WHAT TO PRODUCE: Determine the number of lines in the data below that hold "dxfattribs"; give nothing but that number.
···
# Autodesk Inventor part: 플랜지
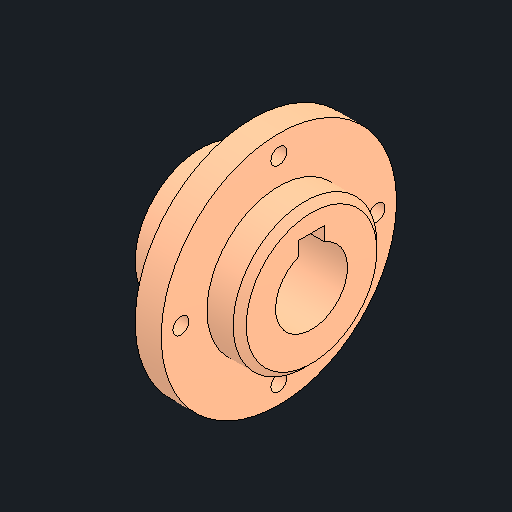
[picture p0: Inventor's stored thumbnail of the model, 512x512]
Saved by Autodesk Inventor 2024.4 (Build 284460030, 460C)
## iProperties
Created: 2026-08
Part Number: 플랜지
Material: 스테인리스강
Document SubType Name: Modeling
Designer: user
Density: 8.08 g/cm^3
Appearance: 기본값
Author: jhkim
Sending System: Autodesk Inventor 2027
Preprocessor: ST-DEVELOPER v20.1
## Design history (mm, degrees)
feature "솔리드1"
node "솔리드2"
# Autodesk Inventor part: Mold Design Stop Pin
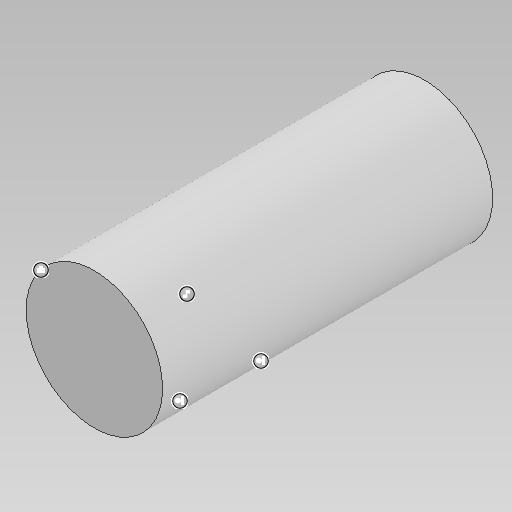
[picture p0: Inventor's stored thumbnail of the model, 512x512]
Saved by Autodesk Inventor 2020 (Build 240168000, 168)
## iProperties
Manager: www.cadconsulting.pl
Company: Fabian Stasiak CAD Consulting
Created: 2007-09
Part Number: Mold Design Stop Pin
Document SubType Name: Modeling
Designer: F.Stasiak
Density: 1 g/cm^3
Material: Generic
Appearance: Default
Author: F.Stasiak
Subject: Zbiór ćwiczeń. Autodesk Inventor 2020. Kurs podstawowy
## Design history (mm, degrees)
sketch "Sketch1"
  geometry: C1 r 4.132 at (0, 0); 1 further point
  constraints: 1 centre point, 1 coincident
  dimensions: "Diameter" = 8.26421 diameter of C1
extrude "Extrusion1" new body sketch "Sketch1" taper "d2" = 0 deg; stored distance "Height" = 20
body "Solid1"
other parameters: "d3" = 0, "d4" = 0, "d9" = 0, "d10" = 0
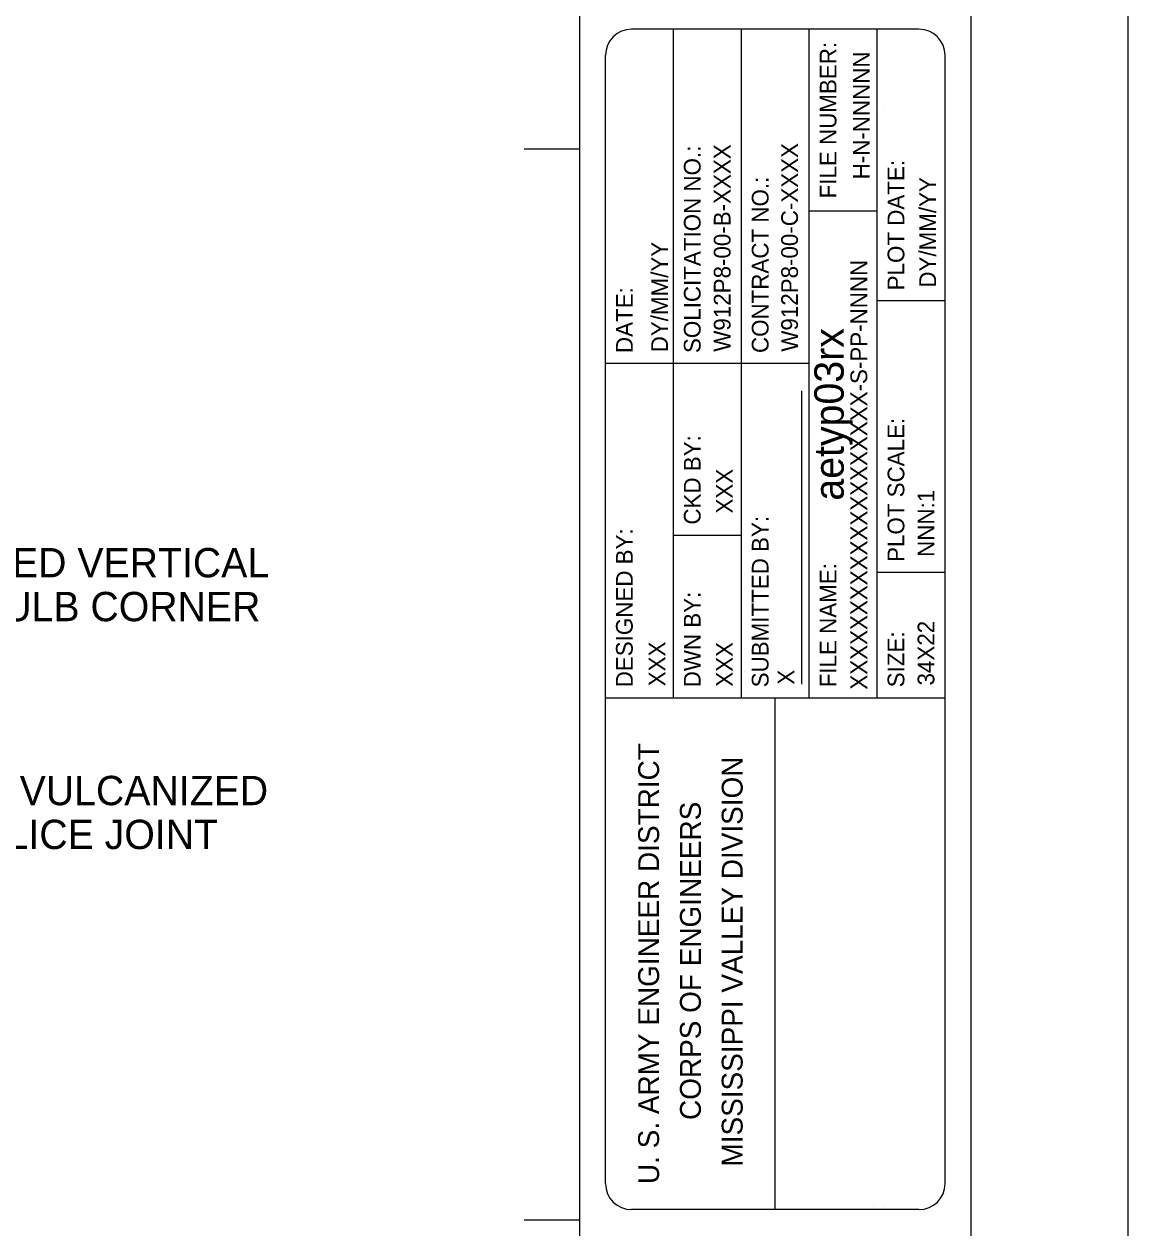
# Model space of a CAD drawing. Extents: x 22371.58 to 22374.41, y 22370.57 to 22372.4.
# Drawn here: x 22373.9714 to 22374.4116, y 22371.0559 to 22371.5361 of the extents above; entities that cross this region are included whole.
import ezdxf

# ---------------------------------------------------------------- set-up
doc = ezdxf.new("R2010")
doc.units = 0
for name, color, linetype in [('G-ANNO-SYMB', 7, 'Continuous'), ('G-ANNO-TEXT', 7, 'Continuous'), ('G-ANNO-TTBL', 7, 'Continuous'), ('G-ANNO-TTLB', 7, 'Continuous'), ('Level 10', 7, 'Continuous'), ('S-ANNO-DIMS', 7, 'Continuous'), ('S-ANNO-TEXT', 7, 'Continuous')]:
    doc.layers.add(name, color=color, linetype=linetype)

msp = doc.modelspace()

# ---------------------------------------------------------------- linework, layer by layer
at = {"layer": 'G-ANNO-SYMB'}
msp.add_lwpolyline([(22371.57831, 22372.40278), (22374.41164, 22372.40278), (22374.41164, 22370.56945), (22371.57831, 22370.56945)], close=True, dxfattribs=at)
at = {"layer": 'G-ANNO-TTBL'}
for p, q in [((22374.23039, 22371.26736), (22374.23039, 22371.53403)), ((22374.25747, 22371.26736), (22374.25747, 22371.53403)), ((22374.28456, 22371.26736), (22374.28456, 22371.53403)), ((22374.31164, 22371.26736), (22374.31164, 22371.53403)), ((22374.20331, 22371.07361), (22374.20331, 22371.52361)), ((22374.19289, 22371.48611), (22374.1709, 22371.48611)), ((22374.31164, 22371.46147), (22374.28456, 22371.46147)), ((22374.33872, 22371.4257), (22374.31164, 22371.4257)), ((22374.23051, 22371.4007), (22374.20331, 22371.4007)), ((22374.25759, 22371.4007), (22374.23039, 22371.4007)), ((22374.28456, 22371.4007), (22374.25747, 22371.4007)), ((22374.23039, 22371.33226), (22374.25759, 22371.33226)), ((22374.33872, 22371.31736), (22374.31164, 22371.31736)), ((22374.20331, 22371.26736), (22374.33872, 22371.26736)), ((22374.27101, 22371.0632), (22374.27101, 22371.26736)), ((22374.19289, 22371.05903), (22374.1709, 22371.05903))]:
    msp.add_line(p, q, dxfattribs=at)
for points in [[(22371.77622, 22372.34028), (22374.19289, 22372.34028), (22374.19289, 22370.63195), (22371.77622, 22370.63195)], [(22371.77622, 22372.34028), (22374.19289, 22372.34028), (22374.19289, 22370.63195), (22371.77622, 22370.63195)], [(22374.19289, 22370.63195), (22374.34914, 22370.63195), (22374.34914, 22372.34028), (22374.19289, 22372.34028)]]:
    msp.add_lwpolyline(points, close=True, dxfattribs=at)
for points in [[(22374.32831, 22371.53403), (22374.21372, 22371.53403)], [(22374.33872, 22371.07361), (22374.33872, 22371.52361)], [(22374.32831, 22371.0632), (22374.21372, 22371.0632)]]:
    msp.add_lwpolyline(points, dxfattribs=at)
for centre, start, end in [((22374.21372, 22371.52361), 90, 180), ((22374.32831, 22371.52361), 0, 90), ((22374.21372, 22371.07361), 180, 270), ((22374.32831, 22371.07361), 270, 0)]:
    msp.add_arc(centre, 0.01042, start, end, dxfattribs=at)
at = {"layer": 'G-ANNO-TTLB'}
msp.add_line((22374.28163, 22371.27275), (22374.28163, 22371.38975), dxfattribs=at)
at = {"layer": 'S-ANNO-DIMS'}
for p, q in [((22374.31002, 22371.50331), (22374.31002, 22371.50331)), ((22374.31436, 22371.50331), (22374.31436, 22371.50331)), ((22374.20325, 22371.27784), (22374.20325, 22371.27784)), ((22374.20759, 22371.27784), (22374.20759, 22371.27784)), ((22374.25446, 22371.27784), (22374.25446, 22371.27784)), ((22374.25879, 22371.27784), (22374.25879, 22371.27784)), ((22374.23536, 22371.10597), (22374.23536, 22371.10597)), ((22374.31002, 22371.0643), (22374.31002, 22371.0643)), ((22374.31436, 22371.0643), (22374.31436, 22371.0643))]:
    msp.add_line(p, q, dxfattribs=at)

# ---------------------------------------------------------------- texts
at = {"layer": 'G-ANNO-TEXT'}
for s, height, p in [('FILE NUMBER:', 0.0066667, (22374.29539, 22371.46655)), ('SOLICITATION NO.:', 0.0066667, (22374.24122, 22371.40486)), ('PLOT DATE:', 0.006667, (22374.32247, 22371.42986)), ('CONTRACT NO.:', 0.0066667, (22374.26831, 22371.40486)), ('DATE:', 0.006667, (22374.21415, 22371.40486)), ('PLOT SCALE:', 0.0066667, (22374.32247, 22371.32153)), ('CKD BY:', 0.006667, (22374.24122, 22371.33643)), ('SUBMITTED BY:', 0.0066667, (22374.26831, 22371.27153)), ('DESIGNED BY:', 0.0066667, (22374.21415, 22371.27153)), ('FILE NAME:', 0.006667, (22374.29539, 22371.27153)), ('DWN BY:', 0.006667, (22374.24122, 22371.27153)), ('SIZE:', 0.006667, (22374.32247, 22371.27153)), ('U. S. ARMY ENGINEER DISTRICT', 0.0083333, (22374.22466, 22371.07341)), ('MISSISSIPPI VALLEY DIVISION', 0.0083333, (22374.25799, 22371.0804)), ('CORPS OF ENGINEERS', 0.0083333, (22374.24133, 22371.09896))]:
    msp.add_text(s, height=height, rotation=90, dxfattribs=at).set_placement(p)
at = {"layer": 'G-ANNO-TTLB'}
for s, height, p in [('H-N-NNNNN', 0.006667, (22374.30868, 22371.47413)), ('W912P8-00-B-XXXX', 0.0066667, (22374.25316, 22371.40538)), ('W912P8-00-C-XXXX', 0.0066667, (22374.28004, 22371.40539)), ('DY/MM/YY', 0.006667, (22374.33512, 22371.43094)), ('DY/MM/YY', 0.006667, (22374.22819, 22371.40514)), ('XXXXXXXXXXXXXXXXXXXX-S-PP-NNNN', 0.0066667, (22374.30766, 22371.27061)), ('XXX', 0.006667, (22374.25406, 22371.34085)), ('NNN:1', 0.006667, (22374.33444, 22371.32356)), ('34X22', 0.006667, (22374.33444, 22371.27227)), ('XXX', 0.006667, (22374.22715, 22371.27193)), ('XXX', 0.006667, (22374.25407, 22371.27176)), ('X', 0.00667, (22374.27861, 22371.27259))]:
    msp.add_text(s, height=height, rotation=90, dxfattribs=at).set_placement(p)
at = {"layer": 'Level 10'}
msp.add_text('aetyp03rx', height=0.011719, rotation=90, dxfattribs=at).set_placement((22374.29829, 22371.34597))
at = {"layer": 'S-ANNO-TEXT'}
for s, p in [('FULL MOLDED VERTICAL', (22373.8788, 22371.31539)), ('OUTSIDE BULB CORNER', (22373.8788, 22371.29789)), ('FACTORY VULCANIZED', (22373.89057, 22371.22452)), ('MITER SPLICE JOINT', (22373.89057, 22371.20702))]:
    msp.add_text(s, height=0.0116979, dxfattribs=at).set_placement(p)

doc.saveas('drawing.dxf')
···
WRITTEN SOLUTION: 11